Место рядом с ним как всегда пустует, потому что с тех пор, как нам разрешили садиться так, как хочется, не нашлось сумасшедших, желающих разделить одну парту с дьяволом. До этого самого момента.
Я решительно ставлю рюкзак на Димину парту и плюхаюсь на стул рядом с ним. Неторопливо вытаскиваю учебник, тетради и пенал, и, покончив с этим, говорю — негромко, но и не переходя на шепот, пусть все слушают, если хотят — настороженно наблюдающему за мной Романову:
— Я обдумала твое предложение. Но следовать ему не собираюсь, нравится тебе это или нет.

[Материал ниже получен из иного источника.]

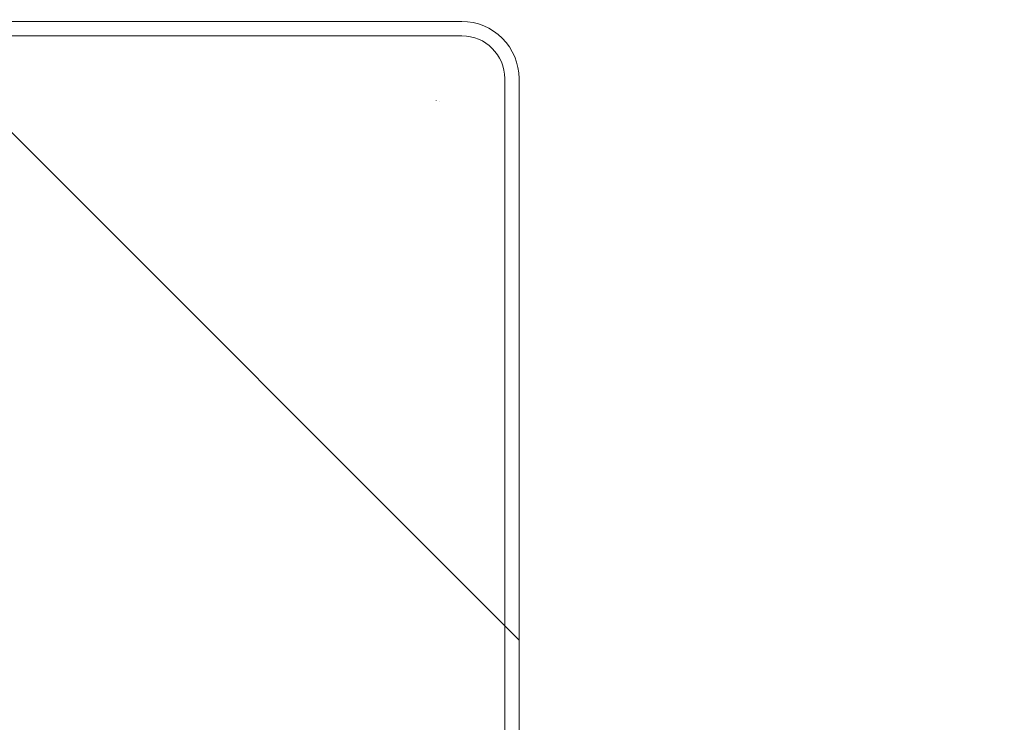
# Model space of a CAD drawing. Header units: inches. Extents: x -416 to -272, y -73 to 47.
# Tile 138 of 206: x -279.685 to -278.326, y -42.629 to -41.66. Entities that reach past the tile are written whole.
import ezdxf

# ---------------------------------------------------------------- set-up
doc = ezdxf.new("R2010")
doc.units = ezdxf.units.IN
doc.header["$LTSCALE"] = 32
doc.header["$MEASUREMENT"] = 0
doc.linetypes.add('Dash Style-1', pattern=[0.083328, 0.041656, -0.041672])
for name, color, linetype, lineweight in [('DashLineFill', 7, 'Dash Style-1', 13), ('Drawing', 7, 'Continuous', 18), ('None', 7, 'Continuous', 18), ('SolidLine', 7, 'Continuous', 15)]:
    doc.layers.add(name, color=color, linetype=linetype, lineweight=lineweight)

# ---------------------------------------------------------------- blocks, each defined once
blk = doc.blocks.new('TiMotion_Handset (2D)')
at = {"layer": 'DashLineFill', "linetype": 'Continuous', "lineweight": 13}
h = blk.add_hatch(dxfattribs=at)
h.set_pattern_fill('Steel', color=253, style=0, pattern_type=2)
h.set_pattern_definition([(45, (0, 0), (-1.61301565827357, 1.935715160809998), []), (45, (-1.0608, 1.0608), (-0.4723460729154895, 0.4167612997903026), [])])
h.paths.add_polyline_path([(-0.5650679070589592, 2.440944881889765), (-0.5636889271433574, 2.443168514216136), (-0.5621892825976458, 2.445271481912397), (-0.5605689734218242, 2.447253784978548), (-0.5588279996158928, 2.449115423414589), (-0.5569663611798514, 2.45085639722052), (-0.5549840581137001, 2.452476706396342), (-0.5528810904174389, 2.453976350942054), (-0.5506574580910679, 2.455355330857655), (-0.5483514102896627, 2.456591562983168), (-0.5460011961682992, 2.457662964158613), (-0.543606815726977, 2.458569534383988), (-0.5411682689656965, 2.459311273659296), (-0.5386855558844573, 2.459888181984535), (-0.5361586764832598, 2.460300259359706), (-0.5335876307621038, 2.460547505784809), (-0.5309724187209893, 2.460629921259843), (0.4425815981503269, 2.460629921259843), (0.4451968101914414, 2.460547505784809), (0.4477678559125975, 2.460300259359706), (0.450294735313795, 2.459888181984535), (0.4527774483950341, 2.459311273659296), (0.4552159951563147, 2.458569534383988), (0.4576103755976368, 2.457662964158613), (0.4599605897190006, 2.456591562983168), (0.4622666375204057, 2.455355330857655), (0.4644902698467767, 2.453976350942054), (0.4665932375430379, 2.452476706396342), (0.4685755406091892, 2.45085639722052), (0.4704371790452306, 2.449115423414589), (0.472178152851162, 2.447253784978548), (0.4737984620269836, 2.445271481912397), (0.4752981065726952, 2.443168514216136), (0.4766770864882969, 2.440944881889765), (0.4779133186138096, 2.43863883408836), (0.478984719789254, 2.436288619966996), (0.47989129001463, 2.433894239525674), (0.4806330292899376, 2.431455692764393), (0.4812099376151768, 2.428972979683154), (0.4816220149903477, 2.426446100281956), (0.4818692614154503, 2.423875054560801), (0.4819516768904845, 2.421259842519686), (0.4819516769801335, 1.765582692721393), (0.4825163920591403, 1.763951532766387), (0.4830058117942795, 1.762300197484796), (0.4834199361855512, 1.760628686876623), (0.4837587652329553, 1.758937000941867), (0.4840222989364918, 1.757225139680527), (0.4842105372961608, 1.755493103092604), (0.4843234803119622, 1.753740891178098), (0.484361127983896, 1.751968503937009), (0.484361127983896, -1.751965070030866), (0.4842787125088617, -1.75458028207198), (0.4840314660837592, -1.757151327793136), (0.4836193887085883, -1.759678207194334), (0.483042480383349, -1.762160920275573), (0.4823007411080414, -1.764599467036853), (0.4813941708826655, -1.766993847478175), (0.4803227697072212, -1.769344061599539), (0.4790865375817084, -1.771650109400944), (0.4777075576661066, -1.773873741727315), (0.4762079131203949, -1.775976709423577), (0.4745876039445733, -1.777959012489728), (0.4728466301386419, -1.779820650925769), (0.4709849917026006, -1.781561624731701), (0.4690026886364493, -1.783181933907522), (0.4668997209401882, -1.784681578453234), (0.4646760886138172, -1.786060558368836), (0.4623700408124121, -1.787296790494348), (0.4600198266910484, -1.788368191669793), (0.4576254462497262, -1.789274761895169), (0.4551868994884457, -1.790016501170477), (0.4527041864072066, -1.790593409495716), (0.4501773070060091, -1.791005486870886), (0.447606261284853, -1.791252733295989), (0.4449910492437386, -1.791335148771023), (-1.79051826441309, -1.791335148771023), (-1.793133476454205, -1.791252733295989), (-1.795704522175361, -1.791005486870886), (-1.798231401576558, -1.790593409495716), (-1.800714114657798, -1.790016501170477), (-1.803152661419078, -1.789274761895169), (-1.8055470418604, -1.788368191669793), (-1.807897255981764, -1.787296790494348), (-1.810203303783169, -1.786060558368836), (-1.81242693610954, -1.784681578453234), (-1.814529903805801, -1.783181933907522), (-1.816512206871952, -1.781561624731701), (-1.818373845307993, -1.779820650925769), (-1.820114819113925, -1.777959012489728), (-1.821735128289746, -1.775976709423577), (-1.823234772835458, -1.773873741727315), (-1.82461375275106, -1.771650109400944), (-1.825849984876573, -1.769344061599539), (-1.826921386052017, -1.766993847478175), (-1.827827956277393, -1.764599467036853), (-1.828569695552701, -1.762160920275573), (-1.82914660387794, -1.759678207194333), (-1.829558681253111, -1.757151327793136), (-1.829805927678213, -1.75458028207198), (-1.829888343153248, -1.751965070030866), (-1.829888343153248, 1.751968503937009), (-1.829805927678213, 1.754583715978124), (-1.829558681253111, 1.75715476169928), (-1.82914660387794, 1.759681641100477), (-1.828569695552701, 1.762164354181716), (-1.827827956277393, 1.764602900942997), (-1.826921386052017, 1.766997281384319), (-1.825849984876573, 1.769347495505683), (-1.82461375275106, 1.771653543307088), (-1.823234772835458, 1.773877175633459), (-1.821735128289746, 1.77598014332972), (-1.820114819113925, 1.777962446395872), (-1.818373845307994, 1.779824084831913), (-1.816512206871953, 1.781565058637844), (-1.814529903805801, 1.783185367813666), (-1.81242693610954, 1.784685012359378), (-1.810203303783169, 1.786063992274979), (-1.807897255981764, 1.787300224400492), (-1.8055470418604, 1.788371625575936), (-1.803152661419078, 1.789278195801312), (-1.800714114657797, 1.79001993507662), (-1.798231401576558, 1.790596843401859), (-1.795704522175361, 1.79100892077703), (-1.793133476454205, 1.791256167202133), (-1.79051826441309, 1.791338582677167), (-0.5703424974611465, 1.791338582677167), (-0.5703424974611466, 2.421259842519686), (-0.5702600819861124, 2.423875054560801), (-0.5700128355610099, 2.426446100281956), (-0.569600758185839, 2.428972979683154), (-0.5690238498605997, 2.431455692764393), (-0.5682821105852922, 2.433894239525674), (-0.5673755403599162, 2.436288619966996), (-0.5663041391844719, 2.43863883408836)])
at = {"layer": 'DashLineFill'}
blk.add_open_spline([(-0.5650679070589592, 2.440944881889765), (-0.559793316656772, 2.450080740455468), (-0.5415215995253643, 2.460629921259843), (-0.04419541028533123, 2.460629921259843), (0.4531307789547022, 2.460629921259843), (0.4714024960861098, 2.450080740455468), (0.4819516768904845, 2.431809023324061), (0.4819516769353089, 2.09342126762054), (0.4819516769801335, 1.765582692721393), (0.484361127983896, 1.759098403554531), (0.484361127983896, 1.716953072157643e-06), (0.484361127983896, -1.76251425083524), (0.473811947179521, -1.780785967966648), (0.4555402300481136, -1.791335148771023), (-0.672763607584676, -1.791335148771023), (-1.801067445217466, -1.791335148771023), (-1.819339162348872, -1.780785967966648), (-1.829888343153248, -1.76251425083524), (-1.829888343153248, 1.716953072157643e-06), (-1.829888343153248, 1.762517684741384), (-1.819339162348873, 1.780789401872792), (-1.801067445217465, 1.791338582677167), (-1.180430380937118, 1.791338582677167), (-0.5703424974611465, 1.791338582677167), (-0.5703424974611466, 2.106299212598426), (-0.5703424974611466, 2.431809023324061), (-0.5650679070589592, 2.440944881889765)], degree=2, knots=[0, 0, 0, 0.001659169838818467, 0.003318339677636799, 0.07987838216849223, 0.08153755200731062, 0.08319672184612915, 0.08485589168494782, 0.1364181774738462, 0.1364181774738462, 0.1375061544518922, 0.4048450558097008, 0.4064547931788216, 0.4080645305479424, 0.4096742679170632, 0.5802364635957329, 0.5818462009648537, 0.5834559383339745, 0.5850656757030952, 0.8524045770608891, 0.8540143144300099, 0.8556240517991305, 0.8572337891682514, 0.9503292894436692, 0.9503292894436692, 0.9983902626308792, 1, 1, 1], dxfattribs=at)
at = {"layer": 'SolidLine', "color": 253}
for p, q in [((-0.580838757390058, 1.791338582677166), (-1.751148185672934, 1.791338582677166)), ((-0.580838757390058, 1.771653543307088), (-1.751148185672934, 1.771653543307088)), ((-1.829888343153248, 1.712598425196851), (-1.829888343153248, -1.71259842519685)), ((-1.810203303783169, 1.712598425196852), (-1.810203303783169, -1.712598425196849)), ((-1.720744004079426, 1.67716535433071), (-1.720759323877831, 1.67716535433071)), ((-1.720278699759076, 1.681948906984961), (-1.720281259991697, 1.681936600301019))]:
    blk.add_line(p, q, dxfattribs=at)
for centre, radius, start, end in [((-1.751215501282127, 1.712665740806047), 0.07867287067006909, 89.95097546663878, 180.0490245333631), ((-1.751148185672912, 1.712598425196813), 0.05905511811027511, 90.00000000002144, 179.9999999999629)]:
    blk.add_arc(centre, radius, start, end, dxfattribs=at)
blk = doc.blocks.new('Group-78')
at = {"layer": 'None', "color": 7, "rotation": 270}
blk.add_blockref('TiMotion_Handset (2D)', (62.99212598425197, -30), dxfattribs=at)
blk = doc.blocks.new('SL Credenza Desk (2D)')
at = {"layer": 'None'}
blk.add_blockref('Group-78', (0, 0), dxfattribs=at)
at = {"layer": 'Drawing', "color": 0, "flags": 1}
for tag in ['Catalog', 'Option1', 'Option2', 'Option3', 'Option4', 'Option5', 'Option6', 'Option7', 'Option8', 'Option9', 'Option10', 'Option11', 'Option12', 'FinishGroup', 'Discount', 'Tag', 'Custom', 'Item2', 'Item3', 'Item6', 'Item9', 'Item10', 'Item12', 'Item13', 'Item16', 'Item19', 'Item20', 'Item21', 'Item22', 'Item23', 'Item24', 'Item25', 'Item8', 'Item18', 'Item1', 'Item4', 'Item5', 'Item7', 'Item11', 'Item14', 'Item15', 'Item17']:
    blk.add_attdef(tag, (15.71916659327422, -28.99901361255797), '', height=0.007086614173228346, dxfattribs=at)
blk = doc.blocks.new('Group-79')
at = {"layer": 'Drawing'}
blk.add_blockref('SL Credenza Desk (2D)', (15.67979651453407, 1.485347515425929), dxfattribs=at)
at = {"layer": 'Drawing', "color": 0, "flags": 1}
for tag in ['Catalog', 'Option1', 'Option2', 'Option3', 'Option4', 'Option5', 'Option6', 'Option7', 'Option8', 'Option9', 'Option10', 'Option11', 'Option12', 'FinishGroup', 'Discount', 'Tag', 'Custom', 'Item2', 'Item3', 'Item6', 'Item9', 'Item10', 'Item12', 'Item13', 'Item16', 'Item19', 'Item20', 'Item21', 'Item22', 'Item23', 'Item24', 'Item25', 'Item8', 'Item18', 'Item1', 'Item4', 'Item5', 'Item7', 'Item11', 'Item14', 'Item15', 'Item17']:
    blk.add_attdef(tag, (15.71916659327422, -28.99901361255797), '', height=0.007086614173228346, dxfattribs=at)

msp = doc.modelspace()

# ---------------------------------------------------------------- block references
at = {"layer": 'Drawing', "color": 7}
msp.add_blockref('Group-79', (-359.4593240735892, -14.97747349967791), dxfattribs=at)

doc.saveas('drawing.dxf')

"Твой ход, Романов", — думаю я, невидяще глядя в учебник и ожидая, что предпримет Дима. Если встанет сейчас и отсядет — то добьет меня окончательно. А если останется… если останется, то, видит Бог, я уже никогда не повернусь к нему спиной.
К школе в то утро я пришел в числе первых. Долго стоял на крыльце, засунув руки в карманы "пилота". Перчатки не взял — назло отчиму, чья потребность в том, чтобы у меня все было хорошо, раздражала сильнее с каждым днем.
Прозвенел звонок на первый урок, а я все стоял и ждал Соню. Всматривался в угол дома, из-за которого она обычно выходила, но так никого и не увидел. Мимо толпами шли ученики, среди которых были и традиционно гогочущие одноклассники. Но дела до них мне нет — в голове, словно по кругу, всплывают обрывки разговора в парке.